■ Task to complete ■
Lines holding the string "blocks": copy each one from the listing below.

■ Given data ■
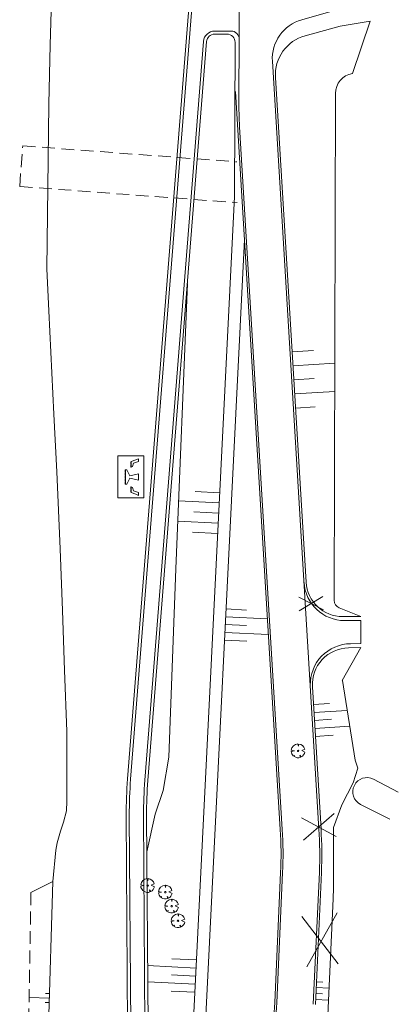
# Model space of a CAD drawing. Header units: metres. Extents: x 102313 to 104557, y 415820 to 422103.
# Tile 242 of 256: x 102643 to 102736, y 420379 to 420621. Entities that reach past the tile are written whole.
import ezdxf

# ---------------------------------------------------------------- set-up
doc = ezdxf.new("R2010")
doc.units = ezdxf.units.M
doc.header["$MEASUREMENT"] = 0
doc.linetypes.add('HIDDEN2', pattern=[4.7625, 3.175, -1.5875])
for name, color, linetype, lineweight in [('N-BEBOUWING AMOVEREN', 10, 'Continuous', 0), ('N-BEPLANTING VERWIJDEREN', 104, 'Continuous', 0), ('N-ONTWERP', 2, 'Continuous', 0), ('N-ONTWERP-FIETSPAD', 30, 'Continuous', 0), ('N-ONTWERP-RECREATIEPUNT', 104, 'Continuous', 0), ('N-ONTWERP-TALUD', 3, 'Continuous', 0), ('N-ONTWERP-WEG', 30, 'Continuous', 0)]:
    doc.layers.add(name, color=color, linetype=linetype, lineweight=lineweight)

# ---------------------------------------------------------------- blocks, each defined once
blk = doc.blocks.new('SBMK')
at = {"color": 0, "flags": 128}
for points in [[(-13.9, 9.6), (-11.1, 9), (-12.1, 11.8)], [(-1.8, 16.8), (0, 9.2), (1.6, 16.8)], [(16.8, 0.4), (11.4, -0.7), (16.8, -1.2)], [(-15, -7.8), (-10.4, -4.4), (-15.9, -5.8)], [(4.2, -16.3), (0.6, -8.8), (-3.2, -16.6)]]:
    blk.add_lwpolyline(points, dxfattribs=at)
blk.add_lwpolyline([(-1.9, 0, 1), (1.8, 0, 1), (-1.9, 0)], format="xyb", dxfattribs=at)
at = {"color": 0}
for start, end in [(145.4075, 200.2477), (95.8899, 135.5711), (1.3252, 84.4398), (207.5009, 259.3455), (284.6649, 356.0474)]:
    blk.add_arc((0, 0), 16.9, start, end, dxfattribs=at)
blk = doc.blocks.new('RECREATIE1')
at = {"color": 0, "linetype": 'ByBlock', "lineweight": -2, "flags": 128}
for points in [[(0, 0), (34.24, 0), (34.24, 21.1), (0, 21.1), (0, 0)], [(2.83, 6.46), (4.25, 10.21), (4.25, 10.21), (4.25, 10.21), (8.91, 10.21), (8.41, 9.04), (5.69, 8.44), (4.15, 4.28), (1.94, 4.28), (2.83, 6.46)], [(4.56, 10.21), (6.42, 10.21), (6.42, 10.52), (4.56, 10.52), (4.56, 10.21)], [(7.04, 10.21), (8.91, 10.21), (8.91, 10.52), (7.04, 10.52), (7.04, 10.21)], [(11.04, 14.84), (12.9, 14.84), (12.9, 15.15), (11.04, 15.15), (11.04, 14.84)], [(16.94, 4.28), (14.4, 4.28), (15.98, 11.41), (11.13, 13.66), (11.04, 14.84), (16.94, 14.84), (22.85, 14.84), (22.75, 13.66), (17.91, 11.41), (19.49, 4.28), (16.94, 4.28)], [(13.53, 14.84), (15.39, 14.84), (15.39, 15.15), (13.53, 15.15), (13.53, 14.84)], [(16.01, 14.84), (17.88, 14.84), (17.88, 15.15), (16.01, 15.15), (16.01, 14.84)], [(18.5, 14.84), (20.36, 14.84), (20.36, 15.15), (18.5, 15.15), (18.5, 14.84)], [(20.98, 14.84), (22.85, 14.84), (22.85, 15.15), (20.98, 15.15), (20.98, 14.84)], [(26.85, 10.21), (24.98, 10.21), (24.98, 10.52), (26.85, 10.52), (26.85, 10.21)], [(31.06, 6.46), (29.64, 10.21), (29.64, 10.21), (29.64, 10.21), (24.98, 10.21), (25.48, 9.04), (28.2, 8.44), (29.74, 4.28), (31.94, 4.28), (31.06, 6.46)], [(29.33, 10.21), (27.47, 10.21), (27.47, 10.52), (29.33, 10.52), (29.33, 10.21)]]:
    blk.add_lwpolyline(points, close=True, dxfattribs=at)

msp = doc.modelspace()

# ---------------------------------------------------------------- linework, layer by layer
at = {"layer": 'N-BEBOUWING AMOVEREN', "ltscale": 0.1}
for p, q in [((102711.922, 420478.898), (102717.982, 420475.798)), ((102712.024, 420475.613), (102717.881, 420479.082)), ((102712.639, 420424.757), (102721.099, 420420.187)), ((102713.116, 420419.255), (102720.59, 420425.844)), ((102721.62, 420388.921), (102712.682, 420400.554)), ((102713.917, 420388.121), (102721.402, 420401.426))]:
    msp.add_line(p, q, dxfattribs=at)
at = {"layer": 'N-ONTWERP', "ltscale": 0.1}
for p, q in [((102722.093, 420619.148), (102729.477, 420620.364)), ((102725.123, 420607.512), (102729.477, 420620.364)), ((102694.294, 420617.193), (102691.267, 420617.193)), ((102722.093, 420619.148), (102713.524, 420616.799)), ((102689.273, 420615.351), (102674.862, 420433.911)), ((102696.102, 420577.313), (102684.879, 420351.658)), ((102722.698, 420474.173), (102727.176, 420474.173)), ((102724.125, 420466.489), (102727.191, 420466.534)), ((102725.772, 420438.925), (102722.636, 420458.457)), ((102736.386, 420431.065), (102730.26, 420434.265)), ((102734.331, 420424.421), (102727.132, 420428.04)), ((102670.074, 420345.151), (102669.55, 420425.307)), ((102674.55, 420425.34), (102675.074, 420345.183)), ((102646.121, 420406.4), (102651.546, 420409.094)), ((102649.956, 420356.087), (102651.546, 420409.094)), ((102707.466, 420411.285), (102706.014, 420379.39)), ((102717.48, 420411.361), (102716.004, 420378.935))]:
    msp.add_line(p, q, dxfattribs=at)
at = {"layer": 'N-ONTWERP', "ltscale": 0.01}
for p, q in [((102722.093, 420619.148), (102729.477, 420620.364)), ((102725.123, 420607.512), (102729.477, 420620.364)), ((102694.294, 420617.193), (102691.267, 420617.193)), ((102722.093, 420619.148), (102713.524, 420616.799)), ((102689.273, 420615.351), (102674.862, 420433.911)), ((102696.102, 420577.313), (102684.879, 420351.658)), ((102722.698, 420474.173), (102727.176, 420474.173)), ((102724.125, 420466.489), (102727.191, 420466.534)), ((102725.772, 420438.925), (102722.636, 420458.457)), ((102736.386, 420431.065), (102730.26, 420434.265)), ((102734.331, 420424.421), (102727.132, 420428.04)), ((102670.074, 420345.151), (102669.55, 420425.307)), ((102674.55, 420425.34), (102675.074, 420345.183)), ((102646.121, 420406.4), (102651.546, 420409.094)), ((102649.956, 420356.087), (102651.546, 420409.094)), ((102707.466, 420411.285), (102706.014, 420379.39)), ((102717.48, 420411.361), (102716.004, 420378.935))]:
    msp.add_line(p, q, dxfattribs=at)
at = {"layer": 'N-ONTWERP', "linetype": 'HIDDEN2'}
for p, q in [((102643.361, 420579.772), (102644.102, 420589.744)), ((102643.361, 420579.772), (102644.102, 420589.744)), ((102644.102, 420589.744), (102696.747, 420585.832)), ((102644.102, 420589.744), (102696.747, 420585.832)), ((102643.361, 420579.772), (102696.764, 420575.803)), ((102643.361, 420579.772), (102696.764, 420575.803)), ((102645.251, 420355.68), (102646.121, 420406.4)), ((102645.251, 420355.68), (102646.121, 420406.4))]:
    msp.add_line(p, q, dxfattribs=at)
at = {"layer": 'N-ONTWERP', "ltscale": 0.1, "flags": 128}
for points in [[(102669.877, 420434.307), (102685.981, 420636.999)], [(102651.16, 420625.707), (102650.851, 420614.571), (102650.537, 420600), (102650.245, 420579.644), (102650.022, 420559.594), (102650.52, 420549.241), (102651.721, 420523.894), (102652.454, 420509.704), (102653.282, 420490.763), (102653.886, 420475.67), (102654.381, 420460.974), (102654.965, 420445.98), (102654.952, 420428.845), (102654.891, 420426.435), (102654.086, 420423.699), (102653.4, 420421.469), (102652.531, 420418.571), (102652.206, 420416.769), (102651.546, 420409.094)], [(102696.294, 420615.183), (102696.102, 420577.313)], [(102706.186, 420606.549), (102713.715, 420482.627)], [(102698.583, 420566.793), (102687.875, 420351.509)], [(102684.558, 420555.988), (102681.726, 420485.916), (102679.965, 420439.645), (102678.62, 420431.49), (102676.649, 420425.63), (102674.608, 420416.438)], [(102722.621, 420458.43), (102727.191, 420466.534)], [(102720.501, 420422.34), (102722.5, 420427.924), (102725.305, 420433.309), (102726.412, 420436.924), (102725.772, 420438.925)]]:
    msp.add_lwpolyline(points, dxfattribs=at)
at = {"layer": 'N-ONTWERP', "ltscale": 0.01, "flags": 128}
for points in [[(102669.877, 420434.307), (102685.981, 420636.999)], [(102651.16, 420625.707), (102650.851, 420614.571), (102650.537, 420600), (102650.245, 420579.644), (102650.022, 420559.594), (102650.52, 420549.241), (102651.721, 420523.894), (102652.454, 420509.704), (102653.282, 420490.763), (102653.886, 420475.67), (102654.381, 420460.974), (102654.965, 420445.98), (102654.952, 420428.845), (102654.891, 420426.435), (102654.086, 420423.699), (102653.4, 420421.469), (102652.531, 420418.571), (102652.206, 420416.769), (102651.546, 420409.094)], [(102696.294, 420615.183), (102696.102, 420577.313)], [(102706.186, 420606.549), (102713.715, 420482.627)], [(102698.583, 420566.793), (102687.875, 420351.509)], [(102684.558, 420555.988), (102681.726, 420485.916), (102679.965, 420439.645), (102678.62, 420431.49), (102676.649, 420425.63), (102674.608, 420416.438)], [(102722.621, 420458.43), (102727.191, 420466.534)], [(102720.501, 420422.34), (102722.5, 420427.924), (102725.305, 420433.309), (102726.412, 420436.924), (102725.772, 420438.925)]]:
    msp.add_lwpolyline(points, dxfattribs=at)
at = {"layer": 'N-ONTWERP', "ltscale": 0.1, "flags": 128}
for points in [[(102696.375, 420603.133), (102707.386, 420421.898, -0.0265511), (102707.466, 420411.285)], [(102720.925, 420602.589), (102720.632, 420478.168, 0.3064862), (102721.884, 420476.308), (102727.176, 420474.173)], [(102715.275, 420456.944), (102717.4, 420421.974, -0.0265511), (102717.48, 420411.361)], [(102720.501, 420422.34), (102720.47, 420409.154, -0.010787), (102720.367, 420404.841), (102719.082, 420376.312, -0.0524696), (102715.957, 420355.616), (102690.371, 420257.338, 0.4362004), (102694.313, 420251.159), (102713.793, 420247.61)]]:
    msp.add_lwpolyline(points, format="xyb", dxfattribs=at)
at = {"layer": 'N-ONTWERP', "ltscale": 0.01, "flags": 128}
for points in [[(102696.375, 420603.133), (102707.386, 420421.898, -0.0265511), (102707.466, 420411.285)], [(102720.925, 420602.589), (102720.632, 420478.168, 0.3064862), (102721.884, 420476.308), (102727.176, 420474.173)], [(102715.275, 420456.944), (102717.4, 420421.974, -0.0265511), (102717.48, 420411.361)], [(102720.501, 420422.34), (102720.47, 420409.154, -0.010787), (102720.367, 420404.841), (102719.082, 420376.312, -0.0524696), (102715.957, 420355.616), (102690.371, 420257.338, 0.4362004), (102694.313, 420251.159), (102713.793, 420247.61)]]:
    msp.add_lwpolyline(points, format="xyb", dxfattribs=at)
at = {"layer": 'N-ONTWERP', "ltscale": 0.1}
for centre, radius, start, end in [((102691.267, 420615.193), 2, 90, 175.45854), ((102694.294, 420615.193), 2, 359.70954, 90), ((102716.168, 420607.155), 10, 105.3278, 183.47661), ((102725.925, 420602.577), 5, 99.23201, 179.86507), ((102722.698, 420483.173), 9, 183.47661, 270), ((102724.258, 420457.49), 9, 90.84831, 183.47661), ((102774.548, 420425.993), 105, 175.45854, 180.37441), ((102774.548, 420425.993), 100, 175.45854, 180.37441), ((102728.696, 420431.152), 3.484, 63.31487, 243.31487), ((102616.107, 420383.484), 90, 345.40726, 357.39298)]:
    msp.add_arc(centre, radius, start, end, dxfattribs=at)
at = {"layer": 'N-ONTWERP', "ltscale": 0.01}
for centre, radius, start, end in [((102691.267, 420615.193), 2, 90, 175.45854), ((102694.294, 420615.193), 2, 359.70954, 90), ((102716.168, 420607.155), 10, 105.3278, 183.47661), ((102725.925, 420602.577), 5, 99.23201, 179.86507), ((102722.698, 420483.173), 9, 183.47661, 270), ((102724.258, 420457.49), 9, 90.84831, 183.47661), ((102774.548, 420425.993), 105, 175.45854, 180.37441), ((102774.548, 420425.993), 100, 175.45854, 180.37441), ((102728.696, 420431.152), 3.484, 63.31487, 243.31487), ((102616.107, 420383.484), 90, 345.40726, 357.39298)]:
    msp.add_arc(centre, radius, start, end, dxfattribs=at)
at = {"layer": 'N-ONTWERP-FIETSPAD', "ltscale": 0.1}
for p, q in [((102695.298, 420617.943), (102691.268, 420617.943)), ((102695.298, 420617.943), (102691.268, 420617.943)), ((102670.824, 420345.156), (102670.3, 420425.312)), ((102670.824, 420345.156), (102670.3, 420425.312)), ((102674.324, 420345.178), (102673.8, 420425.335)), ((102674.324, 420345.178), (102673.8, 420425.335))]:
    msp.add_line(p, q, dxfattribs=at)
at = {"layer": 'N-ONTWERP-FIETSPAD', "ltscale": 0.1, "flags": 128}
for points in [[(102670.625, 420434.248), (102686.731, 420636.978)], [(102670.625, 420434.248), (102686.731, 420636.978)], [(102674.114, 420433.97), (102688.526, 420615.411)], [(102674.114, 420433.97), (102688.526, 420615.411)]]:
    msp.add_lwpolyline(points, dxfattribs=at)
at = {"layer": 'N-ONTWERP-FIETSPAD', "ltscale": 0.1}
for centre, radius, start, end in [((102691.268, 420615.193), 2.75, 90, 175.45834), ((102691.268, 420615.193), 2.75, 90, 175.45834), ((102695.298, 420615.943), 2, 359.70954, 90), ((102695.298, 420615.943), 2, 359.70954, 90), ((102774.548, 420425.993), 104.25, 175.45854, 180.37441), ((102774.548, 420425.993), 104.25, 175.45854, 180.37441), ((102774.548, 420425.993), 100.75, 175.45854, 180.37441), ((102774.548, 420425.993), 100.75, 175.45854, 180.37441)]:
    msp.add_arc(centre, radius, start, end, dxfattribs=at)
at = {"layer": 'N-ONTWERP-TALUD', "ltscale": 0.1}
for p, q in [((102710.277, 420539.206), (102715.528, 420539.525)), ((102710.487, 420535.748), (102720.769, 420536.373)), ((102710.698, 420532.291), (102715.729, 420532.596)), ((102710.908, 420528.833), (102720.753, 420529.431)), ((102711.118, 420525.376), (102715.931, 420525.668)), ((102692.485, 420504.58), (102686.504, 420504.877)), ((102692.361, 420502.08), (102682.4, 420502.576)), ((102692.236, 420499.581), (102686.181, 420499.882)), ((102692.112, 420497.081), (102682.197, 420497.575)), ((102691.988, 420494.582), (102685.858, 420494.887)), ((102694.069, 420476.029), (102699.098, 420475.779)), ((102693.879, 420472.207), (102699.12, 420471.947)), ((102693.974, 420474.118), (102704.244, 420473.607)), ((102693.783, 420470.296), (102704.478, 420469.764)), ((102693.688, 420468.385), (102699.141, 420468.114)), ((102715.538, 420452.608), (102719.518, 420452.85)), ((102715.658, 420450.644), (102723.811, 420451.14)), ((102715.777, 420448.68), (102719.951, 420448.934)), ((102715.896, 420446.716), (102724.438, 420447.235)), ((102716.016, 420444.752), (102720.384, 420445.018)), ((102686.778, 420389.843), (102680.778, 420390.141)), ((102686.68, 420387.859), (102674.791, 420388.45)), ((102686.581, 420385.874), (102680.692, 420386.167)), ((102686.482, 420383.89), (102674.817, 420384.47)), ((102716.191, 420383.055), (102719.379, 420382.91)), ((102716.257, 420384.505), (102717.851, 420384.433)), ((102650.688, 420380.492), (102645.679, 420380.642)), ((102650.722, 420381.609), (102649.697, 420381.64)), ((102686.384, 420381.906), (102680.607, 420382.193)), ((102716.059, 420380.155), (102719.248, 420380.01)), ((102716.125, 420381.605), (102717.719, 420381.533)), ((102650.655, 420379.376), (102649.645, 420379.406))]:
    msp.add_line(p, q, dxfattribs=at)
at = {"layer": 'N-ONTWERP-WEG', "ltscale": 0.1}
for p, q in [((102731.784, 420626.197), (102712.675, 420620.73)), ((102723.199, 420473.173), (102727.176, 420473.173)), ((102727.176, 420467.534), (102727.176, 420473.173)), ((102724.611, 420467.496), (102727.176, 420467.534))]:
    msp.add_line(p, q, dxfattribs=at)
at = {"layer": 'N-ONTWERP-WEG', "ltscale": 0.01}
for p, q in [((102723.199, 420473.173), (102727.176, 420473.173)), ((102727.176, 420467.534), (102727.176, 420473.173)), ((102724.611, 420467.496), (102727.176, 420467.534))]:
    msp.add_line(p, q, dxfattribs=at)
at = {"layer": 'N-ONTWERP-WEG', "ltscale": 0.1, "flags": 128}
for points in [[(102704.315, 420819.472), (102700.652, 420801.203, 0.0389619), (102699.721, 420793.478), (102697.99, 420752.419), (102697.851, 420724.94), (102697.223, 420600.994, 0.0164384), (102697.405, 420594.423), (102707.886, 420421.901, -0.0265511), (102707.967, 420411.289), (102706.511, 420379.315, -0.0523453), (102703.701, 420360.734), (102664.928, 420211.805)], [(102705.445, 420610.509), (102716.899, 420421.97, -0.0265511), (102716.981, 420411.384), (102715.504, 420378.958)]]:
    msp.add_lwpolyline(points, format="xyb", dxfattribs=at)
at = {"layer": 'N-ONTWERP-WEG', "ltscale": 0.01, "flags": 128}
for points in [[(102704.315, 420819.472), (102700.652, 420801.203, 0.0389619), (102699.721, 420793.478), (102697.99, 420752.419), (102697.851, 420724.94), (102697.223, 420600.994, 0.0164384), (102697.405, 420594.423), (102707.886, 420421.901, -0.0265511), (102707.967, 420411.289), (102706.511, 420379.315, -0.0523453), (102703.701, 420360.734), (102664.928, 420211.805)], [(102705.445, 420610.509), (102716.899, 420421.97, -0.0265511), (102716.981, 420411.384), (102715.504, 420378.958)]]:
    msp.add_lwpolyline(points, format="xyb", dxfattribs=at)
at = {"layer": 'N-ONTWERP-WEG', "ltscale": 0.1}
for centre, start, end in [((102715.426, 420611.115), 105.96719, 183.47661), ((102723.199, 420483.173), 183.47661, 270), ((102724.759, 420457.497), 90.84831, 181.47898)]:
    msp.add_arc(centre, 10, start, end, dxfattribs=at)
at = {"layer": 'N-ONTWERP-WEG', "ltscale": 0.01}
for centre, start, end in [((102715.426, 420611.115), 105.96719, 183.47661), ((102723.199, 420483.173), 183.47661, 270), ((102724.759, 420457.497), 90.84831, 181.47898)]:
    msp.add_arc(centre, 10, start, end, dxfattribs=at)

# ---------------------------------------------------------------- block references
at = {"layer": 'N-BEPLANTING VERWIJDEREN', "ltscale": 0.1, "xscale": 0.1, "yscale": 0.1, "zscale": 0.1, "rotation": 90}
for p in [(102711.772, 420441.189), (102674.789, 420408.126), (102679.14, 420406.507), (102680.708, 420403.065), (102682.276, 420399.472)]:
    msp.add_blockref('SBMK', p, dxfattribs=at)
at = {"layer": 'N-ONTWERP-RECREATIEPUNT', "ltscale": 0.1, "xscale": 0.3, "yscale": 0.3, "zscale": 0.3, "rotation": 90}
msp.add_blockref('RECREATIE1', (102673.823, 420503.347), dxfattribs=at)

doc.saveas('drawing.dxf')

■ Final answer ■
# ---------------------------------------------------------------- blocks, each defined once
blk = doc.blocks.new('SBMK')
blk = doc.blocks.new('RECREATIE1')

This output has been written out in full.